Hamilton created a list of possible singularities that could form, but he was concerned that some singularities might lead to difficulties. He wanted to cut the manifold at the singularities and paste in caps and then run the Ricci flow again, so he needed to understand the singularities and show that certain kinds of singularities do not occur.  Perelman discovered the singularities were all very simple: essentially three-dimensional cylinders made out of spheres stretched out along a line. An ordinary cylinder is made by taking circles stretched along a line.  Perelman proved this using something called the "Reduced Volume," which is closely related to an eigenvalue of a certain elliptic equation.
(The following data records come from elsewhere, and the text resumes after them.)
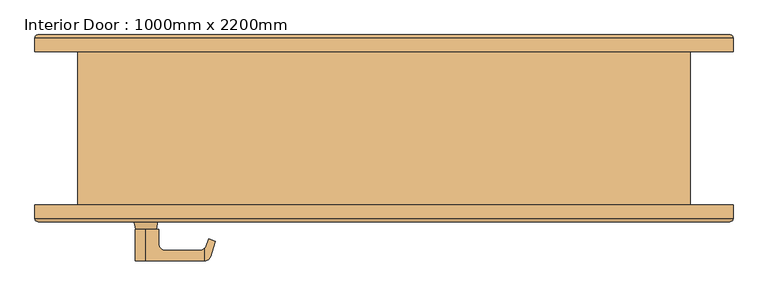
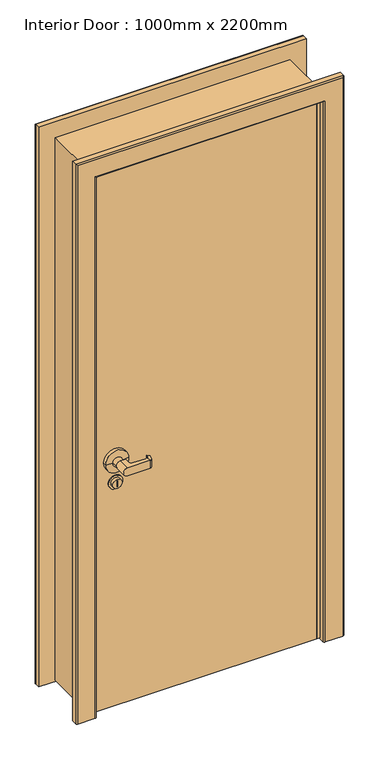
"""IFC4 building model written with IfcOpenShell, lengths in millimetres: door geometry, Interior Door : 1000mm x 2200mm."""

from ifc_helpers import new_model, si_unit, frame, origin, place, context, project, spatial, polyline, circle_curve, ellipse_curve, outline, extrude, faceted_brep, source, transform, mapped, element, save
from ifc_brep_helpers import plane_surface, cylinder_surface, revolved_surface, advanced_brep


def interior_door_1000mm_x_2200mm_056b102d(model_context):
    return source(origin(), model_context, "Body", "SolidModel", [
        advanced_brep(
        [(-323.0, -55.325, 910.0), (-377.0, -55.325, 910.0), (-368.0, -55.325, 910.0), (-332.0, -55.325, 910.0), (-349.5, -55.325, 922.0), (-349.5, -55.325, 898.0), (-350.5, -55.325, 898.0), (-350.5, -55.325, 922.0), (-323.0, -58.5, 910.0), (-377.0, -58.5, 910.0), (-332.0, -43.9713587, 910.0), (-368.0, -43.9713587, 910.0), (-349.5, -43.9713587, 898.0), (-349.5, -43.9713587, 922.0), (-350.5, -43.9713587, 922.0), (-350.5, -43.9713587, 898.0)],
        [
            (0, 1, circle_curve(frame((-350.0, -55.325, 910.0), z_axis=(0.0, 1.0, 0.0), x_axis=(-1.0, 0.0, 0.0)), 27.0)),
            (1, 0, circle_curve(frame((-350.0, -55.325, 910.0), z_axis=(0.0, 1.0, 0.0), x_axis=(-1.0, 0.0, 0.0)), 27.0)),
            (2, 3, circle_curve(frame((-350.0, -55.325, 910.0), z_axis=(0.0, -1.0, 0.0), x_axis=(-1.0, 0.0, 0.0)), 18.0)),
            (3, 2, circle_curve(frame((-350.0, -55.325, 910.0), z_axis=(0.0, -1.0, 0.0), x_axis=(-1.0, 0.0, 0.0)), 18.0)),
            (4, 5),
            (5, 6),
            (6, 7),
            (7, 4),
            (8, 9, circle_curve(frame((-350.0, -58.5, 910.0), z_axis=(0.0, -1.0, 0.0), x_axis=(-1.0, 0.0, 0.0)), 27.0)),
            (9, 8, circle_curve(frame((-350.0, -58.5, 910.0), z_axis=(0.0, -1.0, 0.0), x_axis=(-1.0, 0.0, 0.0)), 27.0)),
            (0, 8),
            (9, 1),
            (10, 11, circle_curve(frame((-350.0, -43.9713587, 910.0), z_axis=(0.0, 1.0, 0.0), x_axis=(-1.0, 0.0, 0.0)), 18.0)),
            (11, 10, circle_curve(frame((-350.0, -43.9713587, 910.0), z_axis=(0.0, 1.0, 0.0), x_axis=(-1.0, 0.0, 0.0)), 18.0)),
            (12, 13),
            (13, 14),
            (14, 15),
            (15, 12),
            (10, 3),
            (2, 11),
            (12, 5),
            (4, 13),
            (7, 14),
            (6, 15),
        ],
        [
            plane_surface(frame((-377.0, -55.325, 910.0), z_axis=(0.0, 1.0, 0.0), x_axis=(0.0, 0.0, 1.0))),
            plane_surface(frame((-377.0, -58.5, 910.0), z_axis=(0.0, -1.0, 0.0), x_axis=(0.0, 0.0, -1.0))),
            cylinder_surface(frame((-350.0, -58.5, 910.0), z_axis=(0.0, 1.0, 0.0), x_axis=(-1.0, 0.0, 0.0)), 27.0),
            plane_surface(frame((-368.0, -43.9713587, 910.0), z_axis=(0.0, 1.0, 0.0), x_axis=(0.0, 0.0, 1.0))),
            cylinder_surface(frame((-350.0, -58.5, 910.0), z_axis=(0.0, 1.0, 0.0), x_axis=(-1.0, 0.0, 0.0)), 18.0),
            plane_surface(frame((-349.5, -43.9713587, 898.0), z_axis=(-1.0, 0.0, 0.0), x_axis=(0.0, -1.0, 0.0))),
            plane_surface(frame((-349.5, -43.9713587, 922.0), z_axis=(0.0, 0.0, -1.0), x_axis=(0.0, -1.0, 0.0))),
            plane_surface(frame((-350.5, -43.9713587, 922.0), z_axis=(1.0, 0.0, 0.0), x_axis=(0.0, -1.0, 0.0))),
            plane_surface(frame((-350.5, -43.9713587, 898.0), z_axis=(0.0, 0.0, 1.0), x_axis=(0.0, -1.0, 0.0))),
        ],
        [
            (0, [[1, 2], [3, 4]]),
            (0, [[5, 6, 7, 8]]),
            (1, [[9, 10]]),
            (2, [[-1, 11, -10, 12]]),
            (2, [[-2, -12, -9, -11]]),
            (3, [[13, 14], [15, 16, 17, 18]]),
            (4, [[-13, 19, -3, 20]]),
            (4, [[-14, -20, -4, -19]]),
            (5, [[-15, 21, -5, 22]]),
            (6, [[-16, -22, -8, 23]]),
            (7, [[-17, -23, -7, 24]]),
            (8, [[-18, -24, -6, -21]]),
        ],
    ),
        advanced_brep(
        [(-323.0, -115.675, 910.0), (-377.0, -115.675, 910.0), (-368.0, -115.675, 910.0), (-332.0, -115.675, 910.0), (-349.5, -115.675, 922.0), (-350.5, -115.675, 922.0), (-350.5, -115.675, 898.0), (-349.5, -115.675, 898.0), (-323.0, -112.5, 910.0), (-377.0, -112.5, 910.0), (-332.0, -127.0286413, 910.0), (-368.0, -127.0286413, 910.0), (-349.5, -127.0286413, 898.0), (-350.5, -127.0286413, 898.0), (-350.5, -127.0286413, 922.0), (-349.5, -127.0286413, 922.0)],
        [
            (0, 1, circle_curve(frame((-350.0, -115.675, 910.0), z_axis=(0.0, -1.0, 0.0), x_axis=(-1.0, 0.0, 0.0)), 27.0)),
            (1, 0, circle_curve(frame((-350.0, -115.675, 910.0), z_axis=(0.0, -1.0, 0.0), x_axis=(-1.0, 0.0, 0.0)), 27.0)),
            (2, 3, circle_curve(frame((-350.0, -115.675, 910.0), z_axis=(0.0, 1.0, 0.0), x_axis=(-1.0, 0.0, 0.0)), 18.0)),
            (3, 2, circle_curve(frame((-350.0, -115.675, 910.0), z_axis=(0.0, 1.0, 0.0), x_axis=(-1.0, 0.0, 0.0)), 18.0)),
            (4, 5),
            (5, 6),
            (6, 7),
            (7, 4),
            (8, 9, circle_curve(frame((-350.0, -112.5, 910.0), z_axis=(0.0, 1.0, 0.0), x_axis=(-1.0, 0.0, 0.0)), 27.0)),
            (9, 8, circle_curve(frame((-350.0, -112.5, 910.0), z_axis=(0.0, 1.0, 0.0), x_axis=(-1.0, 0.0, 0.0)), 27.0)),
            (1, 9),
            (8, 0),
            (10, 11, circle_curve(frame((-350.0, -127.0286413, 910.0), z_axis=(0.0, -1.0, 0.0), x_axis=(-1.0, 0.0, 0.0)), 18.0)),
            (11, 10, circle_curve(frame((-350.0, -127.0286413, 910.0), z_axis=(0.0, -1.0, 0.0), x_axis=(-1.0, 0.0, 0.0)), 18.0)),
            (12, 13),
            (13, 14),
            (14, 15),
            (15, 12),
            (11, 2),
            (3, 10),
            (15, 4),
            (7, 12),
            (14, 5),
            (13, 6),
        ],
        [
            plane_surface(frame((-377.0, -115.675, 910.0), z_axis=(0.0, -1.0, 0.0), x_axis=(0.0, 0.0, 1.0))),
            plane_surface(frame((-377.0, -112.5, 910.0), z_axis=(0.0, 1.0, 0.0), x_axis=(0.0, 0.0, -1.0))),
            cylinder_surface(frame((-350.0, -112.5, 910.0), z_axis=(0.0, -1.0, 0.0), x_axis=(-1.0, 0.0, 0.0)), 27.0),
            plane_surface(frame((-368.0, -127.0286413, 910.0), z_axis=(0.0, -1.0, 0.0), x_axis=(0.0, 0.0, 1.0))),
            cylinder_surface(frame((-350.0, -112.5, 910.0), z_axis=(0.0, -1.0, 0.0), x_axis=(-1.0, 0.0, 0.0)), 18.0),
            plane_surface(frame((-349.5, -127.0286413, 898.0), z_axis=(-1.0, 0.0, 0.0), x_axis=(0.0, 1.0, 0.0))),
            plane_surface(frame((-349.5, -127.0286413, 922.0), z_axis=(0.0, 0.0, -1.0), x_axis=(0.0, 1.0, 0.0))),
            plane_surface(frame((-350.5, -127.0286413, 922.0), z_axis=(1.0, 0.0, 0.0), x_axis=(0.0, 1.0, 0.0))),
            plane_surface(frame((-350.5, -127.0286413, 898.0), z_axis=(0.0, 0.0, 1.0), x_axis=(0.0, 1.0, 0.0))),
        ],
        [
            (0, [[1, 2], [3, 4]]),
            (0, [[5, 6, 7, 8]]),
            (1, [[9, 10]]),
            (2, [[11, -9, 12, -2]]),
            (2, [[-12, -10, -11, -1]]),
            (3, [[13, 14], [15, 16, 17, 18]]),
            (4, [[19, -4, 20, -14]]),
            (4, [[-20, -3, -19, -13]]),
            (5, [[21, -8, 22, -18]]),
            (6, [[23, -5, -21, -17]]),
            (7, [[24, -6, -23, -16]]),
            (8, [[-22, -7, -24, -15]]),
        ],
    ),
        advanced_brep(
        [(-305.55, -125.2, 1000.0), (-394.45, -125.2, 1000.0), (-394.45, -112.5, 1000.0), (-305.55, -112.5, 1000.0), (-330.95, -128.375, 1000.0), (-369.05, -128.375, 1000.0), (-350.0, -112.5, 1000.0), (-334.9229513, -148.8140625, 1000.0), (-365.0770487, -148.8140625, 1000.0), (-350.0, -148.8140625, 1000.0)],
        [
            (0, 1, circle_curve(frame((-350.0, -125.2, 1000.0), z_axis=(0.0, 1.0, 0.0), x_axis=(-1.0, 0.0, 0.0)), 44.45)),
            (1, 2),
            (2, 3, circle_curve(frame((-350.0, -112.5, 1000.0), z_axis=(0.0, -1.0, 0.0), x_axis=(-1.0, 0.0, 0.0)), 44.45)),
            (3, 0),
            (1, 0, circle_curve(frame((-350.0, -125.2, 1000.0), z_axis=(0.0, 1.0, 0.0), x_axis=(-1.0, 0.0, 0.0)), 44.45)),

Sometimes, an otherwise complicated operation reduces to multiplication by a scalar (a number). Such numbers are called eigenvalues of that operation.  Eigenvalues are closely related to vibration frequencies and are used in analyzing a famous problem: can you hear the shape of a drum? Essentially, an eigenvalue is like a note being played by the manifold. Perelman proved this note goes up as the manifold is deformed by the Ricci flow. This helped him eliminate some of the more troublesome singularities that had concerned Hamilton, particularly the cigar soliton solution, which looked like a strand sticking out of a manifold with nothing on the other side. In essence, Perelman showed that all the strands that form can be cut and capped and none stick out on one side only.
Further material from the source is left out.